As the airport was having difficulty accommodating all the aircraft trying to enter Haiti, MAF workers approached Air Force controllers to offer logistics support as well as space at MAF's hangar, said John Woodberry, MAF manager of disaster response and security. As a result, the many more relief flights are now arriving at Port-au-Prince's otherwise maxed-out airport.

The MAF hangar has become crucially important to the work of major international relief ministries. It is serving as a cargo warehouse for Operation Blessing, Baptist Haiti Mission, Samaritan's Purse and others. It also has become a key logistics support base for Operation Blessing and Samaritan's Purse, both of which have staff sleeping at the MAF hangar to support and manage their relief operations and coordinate trucks that pick up relief for distribution.

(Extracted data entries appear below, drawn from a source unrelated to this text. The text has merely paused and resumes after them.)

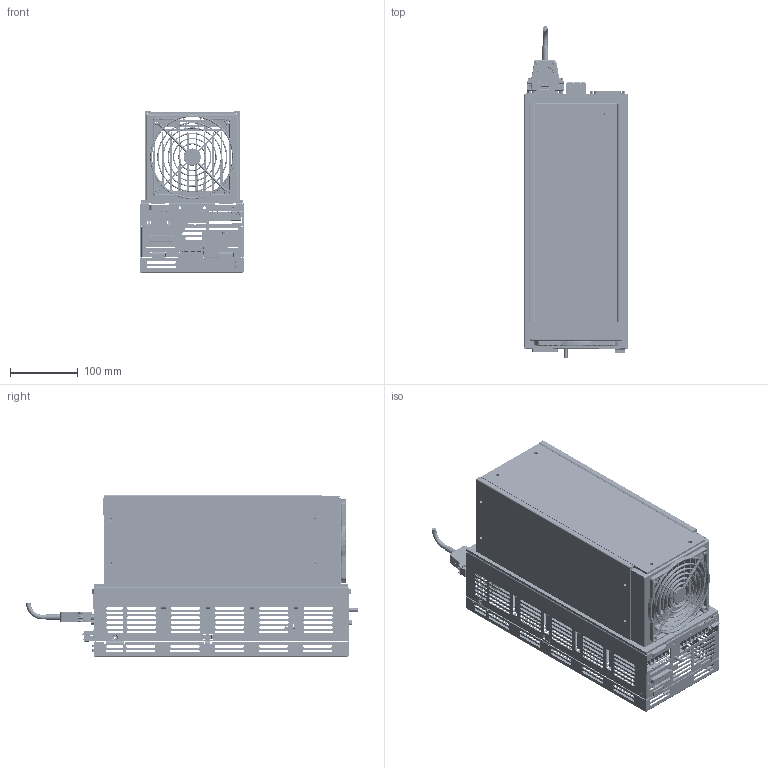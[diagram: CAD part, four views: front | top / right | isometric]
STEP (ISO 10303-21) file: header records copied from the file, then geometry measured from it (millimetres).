
FILE_DESCRIPTION (( 'STEP AP214' ), '1' );
FILE_NAME ('SDD215-23_(09-501-152-23).STEP', '2019-01-03T08:31:07', ( 'Windows-Benutzer' ), ( '' ), 'SwSTEP 2.0', 'SolidWorks 2018', '' );
FILE_SCHEMA (( 'AUTOMOTIVE_DESIGN' ));
Length unit declared in the file: millimetre
Products named in the file (29): Dichtung; PC 4_6-G-7,62; 82600_step f〉 Kunde; D_sub 25p_F; 1010801103 Ballastwid 33ohm 43cm; 1953774; VAC013 kpl; Abdeckblech Phönix-Buchse; Gehäuseschale; Lüfterblech; ZExxxx-4339-x1 Abschirmblech; Abdeckblech; Basisblech; Abstandsbolzen GBM UNC4-4005IA4,8 Ms-vernickel; SDD215-23_(09-501-152-23); 82700_step f〉 kunde; K黨lk鰎per; PC 4_8-G-7,62; VAC014 Front; L黤tereinheit_step f乺 kunde; 4070212048-1 D-SUB 25pol 1658610-2; 4110260022 8pol.Federkraftstecker 1reih. 1952322; Sicherungsklammer neu; D-Sub_25pol_2-Reih; 3030202109 Lüftergitter; MSTB 2,5_3-G-5,08; 4060212239 RJ45 09 35 002 2101; Dummy Mini IO (Harting)
Assembly tree (33 placements, depth 3):
  SDD215-23_(09-501-152-23)
    82600_step f〉 Kunde
      PC 4_6-G-7,62  x2
      MSTB 2,5_3-G-5,08
      PC 4_8-G-7,62
    82700_step f〉 kunde
      D_sub 25p_F
    VAC013 kpl
      VAC014 Front
      4060212239 RJ45 09 35 002 2101  x2
      1953774
    K黨lk鰎per
    Gehäuseschale
    Dichtung
    Basisblech
      Basisblech
      1010801103 Ballastwid 33ohm 43cm
    L黤tereinheit_step f乺 kunde
      Lüfterblech
      3030202109 Lüftergitter
    Abdeckblech
    Sicherungsklammer neu
    4070212048-1 D-SUB 25pol 1658610-2  x2
    Abdeckblech Phönix-Buchse
    ZExxxx-4339-x1 Abschirmblech
    Abstandsbolzen GBM UNC4-4005IA4,8 Ms-vernickel  x2
    D-Sub_25pol_2-Reih
    Dummy Mini IO (Harting)
    4110260022 8pol.Federkraftstecker 1reih. 1952322  x2
Bounding box: 152.4 x 488.46 x 238.78 mm (x, y, z)
Volume: 2550763.8 mm3; surface area: 1631564.1 mm2
Topology: 32 solids, 32 shells, 9875 faces, 26184 edges, 16835 vertices
Faces by surface type: plane 6035, cylinder 2939, cone 369, torus 318, bspline 154, sphere 60
Entity records: 285370 total; most frequent: CARTESIAN_POINT 56821, ORIENTED_EDGE 44652, DIRECTION 43138, EDGE_CURVE 22326, VECTOR 15402, LINE 15402, VERTEX_POINT 14333, AXIS2_PLACEMENT_3D 13868
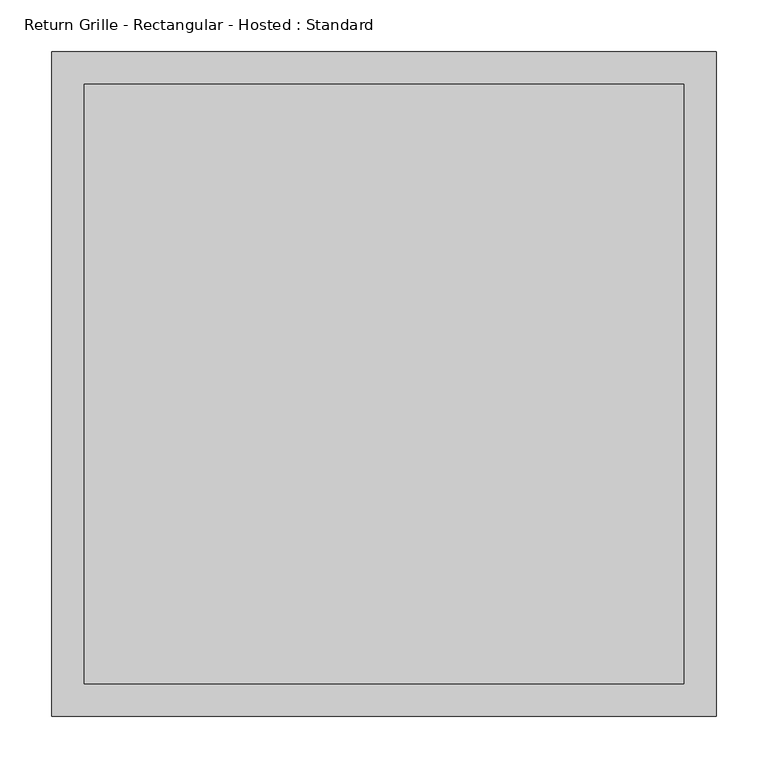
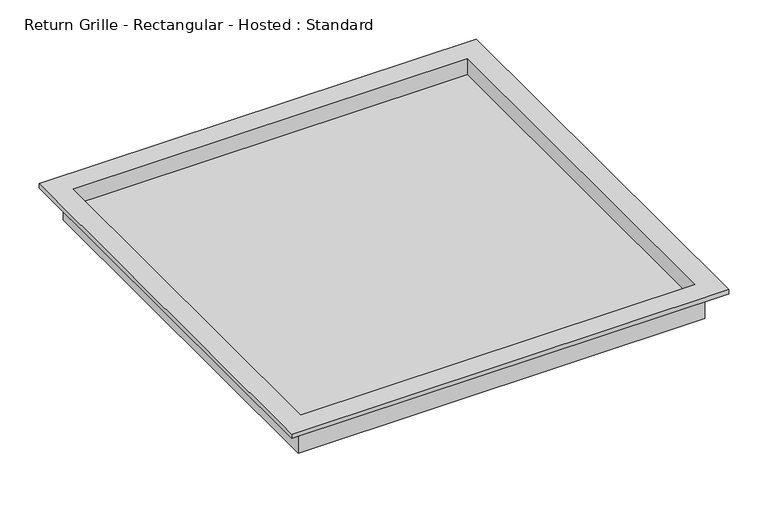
"""IFC4 building model written with IfcOpenShell, lengths in millimetres: air terminal geometry, Return Grille - Rectangular - Hosted : Standard."""

from ifc_helpers import new_model, si_unit, origin, place, context, project, spatial, faceted_brep, source, transform, mapped, element, save


def return_grille_rectangular_hosted_standard_7b12617c(model_context):
    return source(origin(), model_context, "Body", "Brep", [
        faceted_brep([(322.5, 322.5, 6.35), (-322.5, 322.5, 6.35), (-322.5, -322.5, 6.35), (322.5, -322.5, 6.35), (-290.75, 290.75, 6.35), (290.75, 290.75, 6.35), (290.75, -290.75, 6.35), (-290.75, -290.75, 6.35), (322.5, 322.5, 0.0), (322.5, -322.5, 0.0), (-322.5, -322.5, 0.0), (-322.5, 322.5, 0.0), (300.0, 300.0, 0.0), (-300.0, 300.0, 0.0), (-300.0, -300.0, 0.0), (300.0, -300.0, 0.0), (300.0, 300.0, -44.45), (300.0, -300.0, -44.45), (-300.0, -300.0, -44.45), (-300.0, 300.0, -44.45), (290.75, 290.75, -19.05), (-290.75, 290.75, -19.05), (-290.75, -290.75, -19.05), (290.75, -290.75, -19.05)], [[[0, 1, 2, 3], [4, 5, 6, 7]], [[8, 9, 10, 11], [12, 13, 14, 15]], [[1, 0, 8, 11]], [[2, 1, 11, 10]], [[3, 2, 10, 9]], [[0, 3, 9, 8]], [[16, 17, 18, 19]], [[16, 19, 13, 12]], [[19, 18, 14, 13]], [[18, 17, 15, 14]], [[17, 16, 12, 15]], [[20, 21, 22, 23]], [[21, 20, 5, 4]], [[22, 21, 4, 7]], [[23, 22, 7, 6]], [[20, 23, 6, 5]]]),
    ])


if __name__ == "__main__":
    model = new_model("IFC4")
    model_context = context("Model", 3, world=origin())
    ifc_project = project(units=[si_unit("LENGTHUNIT", "METRE", prefix="MILLI")], contexts=[model_context])
    site = spatial("IfcSite", under=ifc_project)
    building = spatial("IfcBuilding", under=site)
    placement = place(None, origin())
    return_grille_rectangular_hosted_standard_shape = return_grille_rectangular_hosted_standard_7b12617c(model_context)
    element("IfcAirTerminal", 1, ObjectType="Return Grille - Rectangular - Hosted : Standard", at=placement, inside=building, context=model_context, shape_type="MappedRepresentation", body=[
        mapped(return_grille_rectangular_hosted_standard_shape, transform((0.0, 0.0, 0.0), x_axis=(1.0, 0.0, 0.0), y_axis=(0.0, 1.0, 0.0), z_axis=(0.0, 0.0, 1.0))),
    ])
    save(model, "model.ifc")

Saturday alone MAF facilitated 69 passengers and 20,000 pounds of relief supplies, beginning the arrival of a flight carrying 23 relief workers from World Vision, the Mennonite Central Committee, Christian Reformed World Relief Committee and others. Relief supplies handled included food, tarps, blankets, hygiene kits, water treatment systems, and medical equipment and supplies. These planes then departed Haiti with 43 evacuated children and short-term missionaries that had arrived before the earthquake struck.

Also Saturday, MAF aircraft began relief flights within Haiti, evacuating a U.S. work team that was stranded in the town on Hinche, 60 miles north of Port-au-Prince. This group from Richmond, Virginia, had arrived in Haiti on January 7. MAF pilots Mark Williams and Will White flew the group to Cap Haitian and helped them find a place to stay before the team departed for the U.S.

Sunday morning flights into Port-au-Prince from the U.S. brought medical and surgical teams and medical supplies to the MAF facility.

Much emergency relief cargo arrives in Haiti not designated for delivery to a certain group. MAF has been asked to coordinate getting it to the most worthy organizations.

MAF pilots and planes will continue relief flights within Haiti, transporting relief supplies, relief workers, and medical teams to remote areas.